> **Source data**
──────────────────────────────

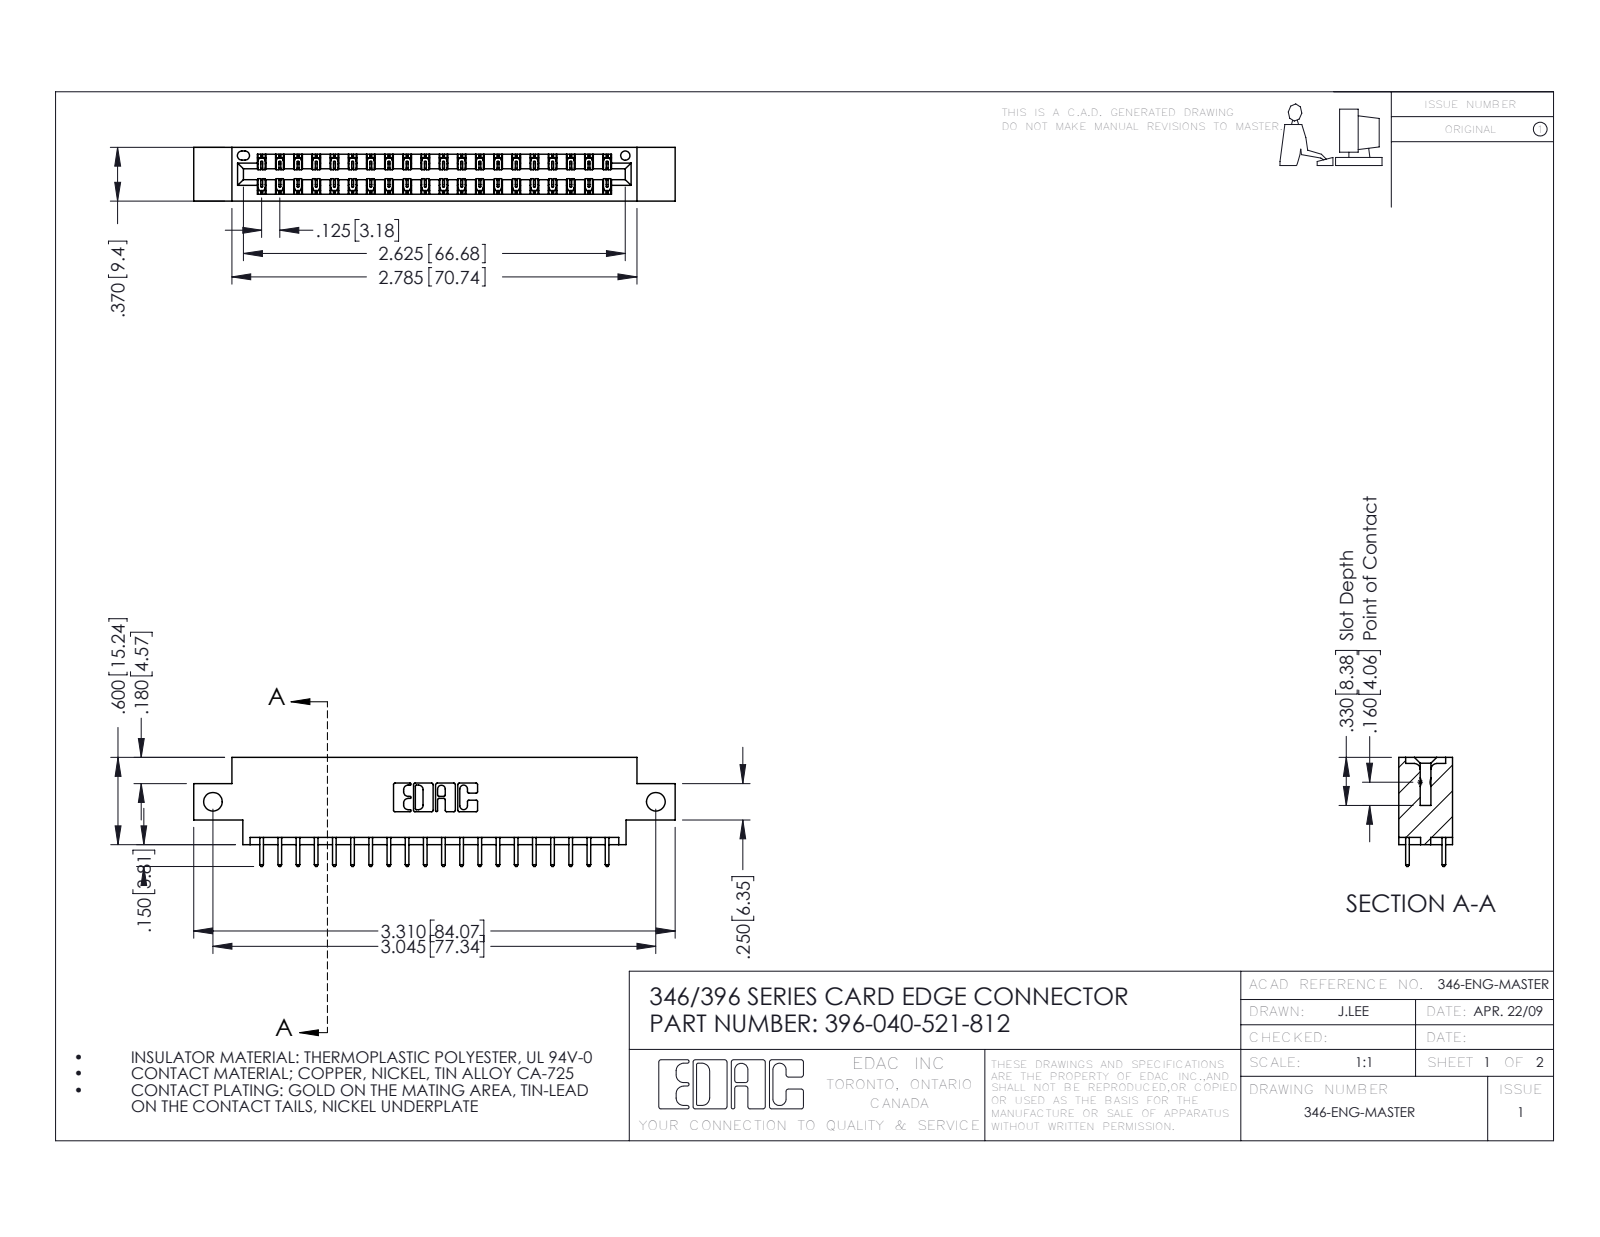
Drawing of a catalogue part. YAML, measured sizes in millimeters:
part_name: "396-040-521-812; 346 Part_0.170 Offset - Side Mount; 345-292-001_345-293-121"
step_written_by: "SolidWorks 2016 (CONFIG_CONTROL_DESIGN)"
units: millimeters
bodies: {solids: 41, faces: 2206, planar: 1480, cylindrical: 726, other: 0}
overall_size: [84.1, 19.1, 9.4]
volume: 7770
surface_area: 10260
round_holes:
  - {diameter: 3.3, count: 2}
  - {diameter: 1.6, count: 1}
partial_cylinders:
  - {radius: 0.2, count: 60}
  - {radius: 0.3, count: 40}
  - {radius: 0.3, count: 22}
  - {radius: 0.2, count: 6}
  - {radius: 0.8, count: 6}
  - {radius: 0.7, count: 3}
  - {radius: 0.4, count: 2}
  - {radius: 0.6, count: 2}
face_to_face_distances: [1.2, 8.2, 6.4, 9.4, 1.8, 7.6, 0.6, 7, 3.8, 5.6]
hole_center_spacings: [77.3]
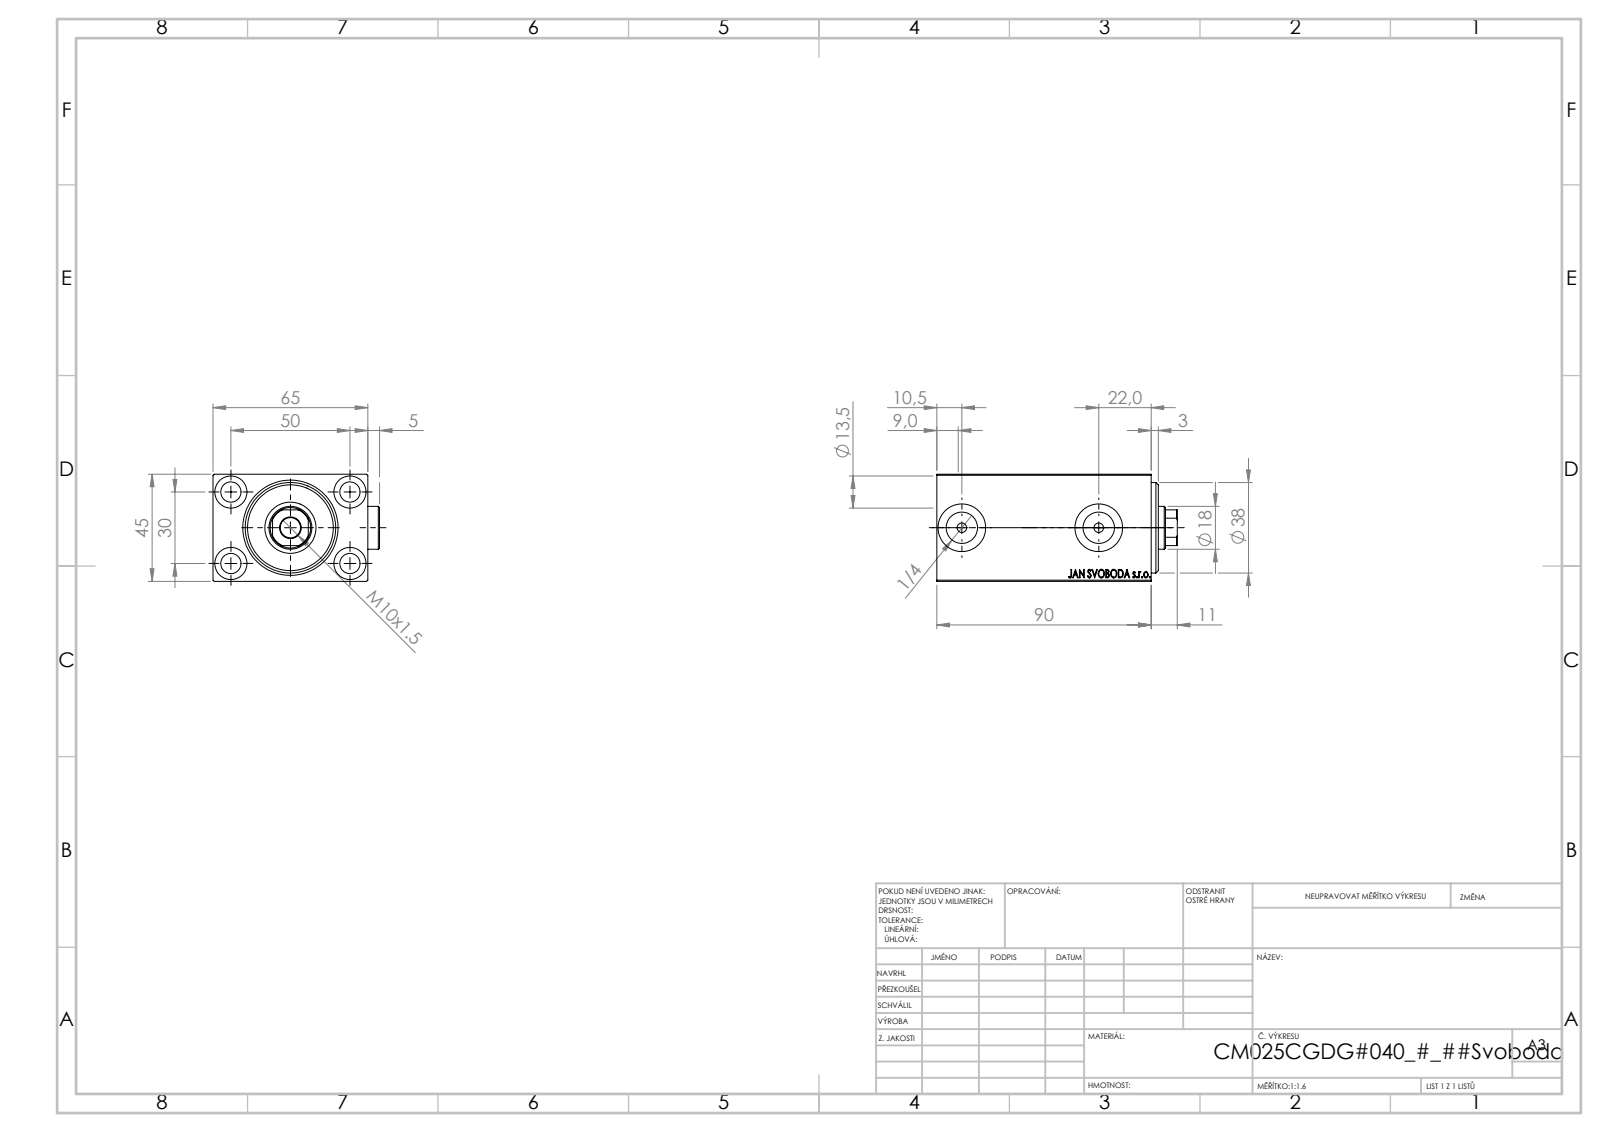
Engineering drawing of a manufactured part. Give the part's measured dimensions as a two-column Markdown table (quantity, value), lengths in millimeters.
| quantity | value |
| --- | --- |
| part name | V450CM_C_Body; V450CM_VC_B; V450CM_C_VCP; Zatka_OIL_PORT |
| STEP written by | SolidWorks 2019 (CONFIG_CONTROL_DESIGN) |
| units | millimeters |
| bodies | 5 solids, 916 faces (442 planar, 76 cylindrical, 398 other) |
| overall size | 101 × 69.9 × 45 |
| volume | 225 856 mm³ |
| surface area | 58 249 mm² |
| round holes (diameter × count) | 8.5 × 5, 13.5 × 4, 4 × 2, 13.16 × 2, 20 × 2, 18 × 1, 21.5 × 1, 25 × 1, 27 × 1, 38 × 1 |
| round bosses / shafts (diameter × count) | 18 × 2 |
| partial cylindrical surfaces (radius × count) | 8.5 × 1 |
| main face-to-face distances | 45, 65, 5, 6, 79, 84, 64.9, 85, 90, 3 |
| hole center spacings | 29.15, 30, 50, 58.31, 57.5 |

──────────────────────────────

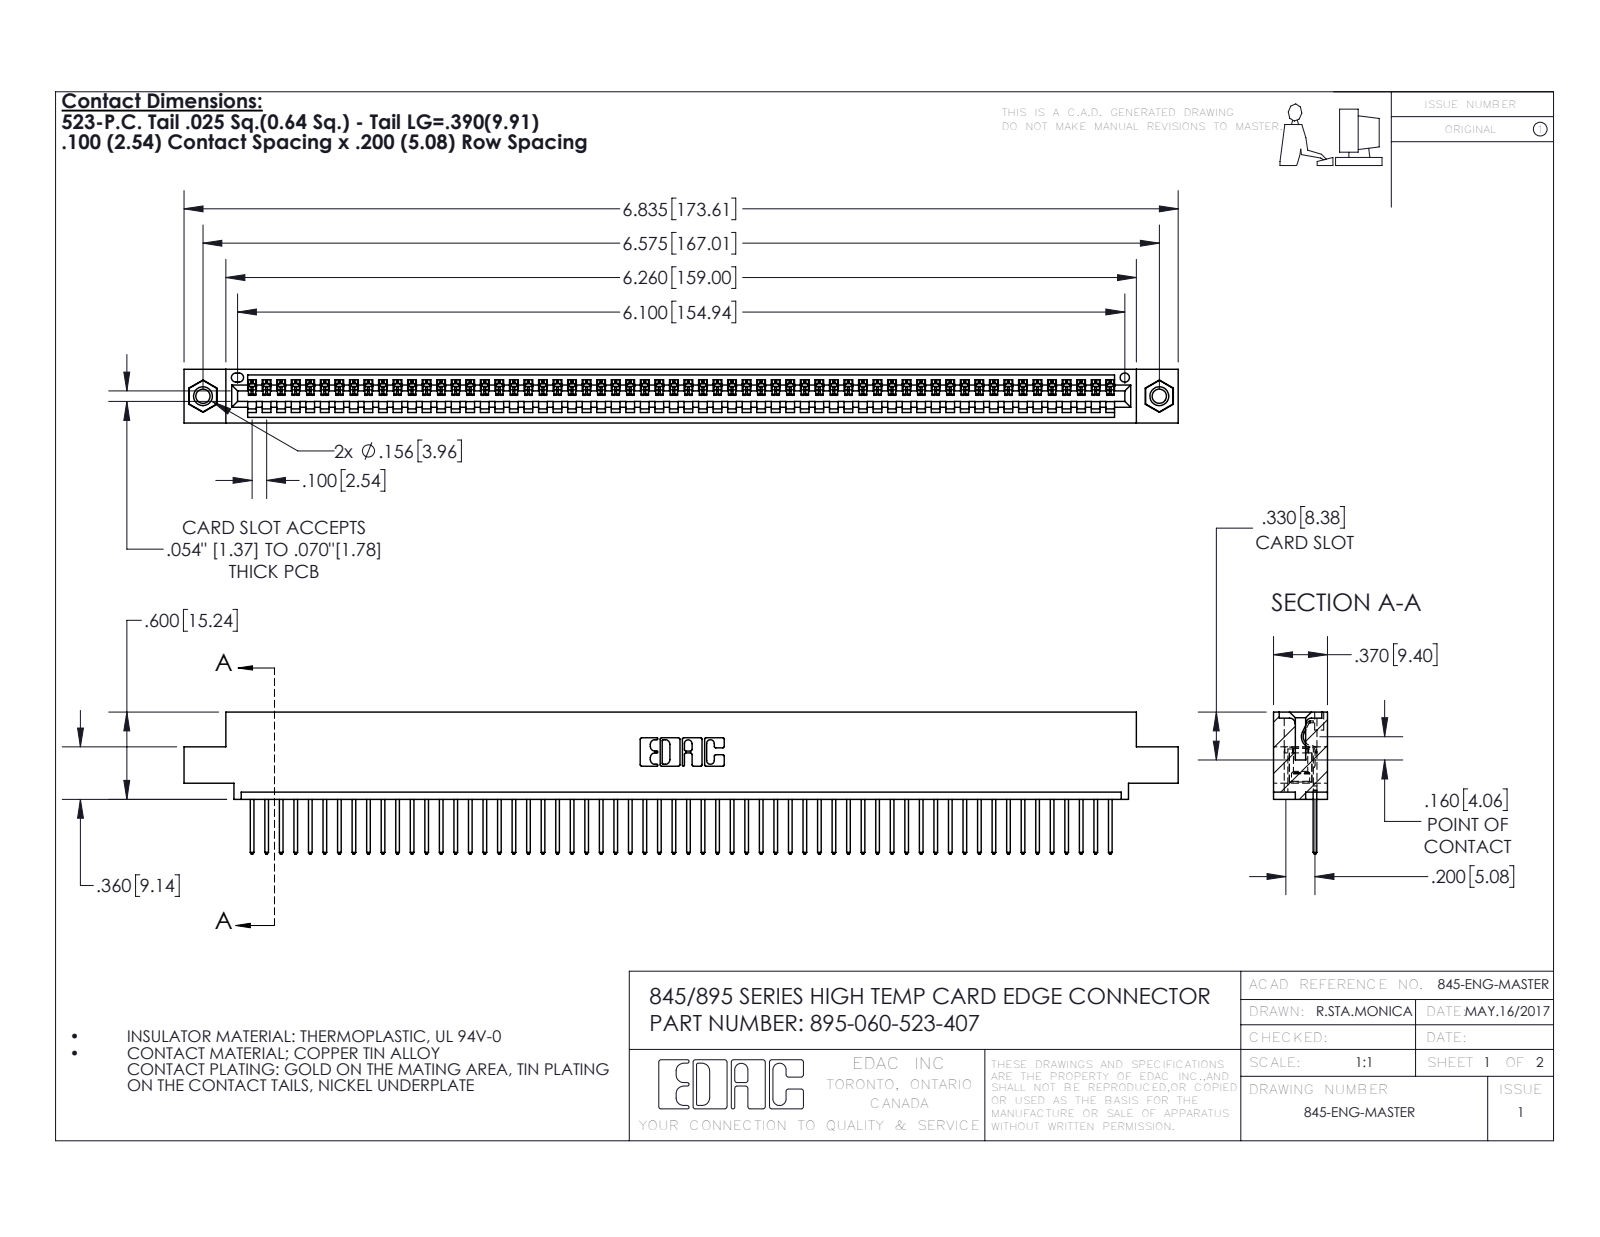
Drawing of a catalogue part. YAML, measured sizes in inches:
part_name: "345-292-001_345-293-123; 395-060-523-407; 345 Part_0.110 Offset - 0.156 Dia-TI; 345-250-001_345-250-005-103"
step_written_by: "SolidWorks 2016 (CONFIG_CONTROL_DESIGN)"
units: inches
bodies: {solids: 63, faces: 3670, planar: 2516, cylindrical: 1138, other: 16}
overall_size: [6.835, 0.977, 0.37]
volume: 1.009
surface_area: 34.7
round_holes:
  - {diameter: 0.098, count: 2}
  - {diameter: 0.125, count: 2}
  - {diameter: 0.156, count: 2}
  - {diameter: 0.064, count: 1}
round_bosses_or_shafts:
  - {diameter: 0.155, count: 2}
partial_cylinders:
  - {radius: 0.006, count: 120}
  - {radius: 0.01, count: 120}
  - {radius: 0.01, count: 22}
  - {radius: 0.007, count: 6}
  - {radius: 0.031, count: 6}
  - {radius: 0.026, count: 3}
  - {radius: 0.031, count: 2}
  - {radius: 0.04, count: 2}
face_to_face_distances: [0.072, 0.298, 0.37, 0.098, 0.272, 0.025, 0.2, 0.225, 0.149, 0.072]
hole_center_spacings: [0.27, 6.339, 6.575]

──────────────────────────────

> **Problem requirements**
Read through the records above and copy the lines that contain "quantity".

> **Written response**
Engineering drawing of a manufactured part. Give the part's measured dimensions as a two-column Markdown table (quantity, value), lengths in millimeters.
| quantity | value |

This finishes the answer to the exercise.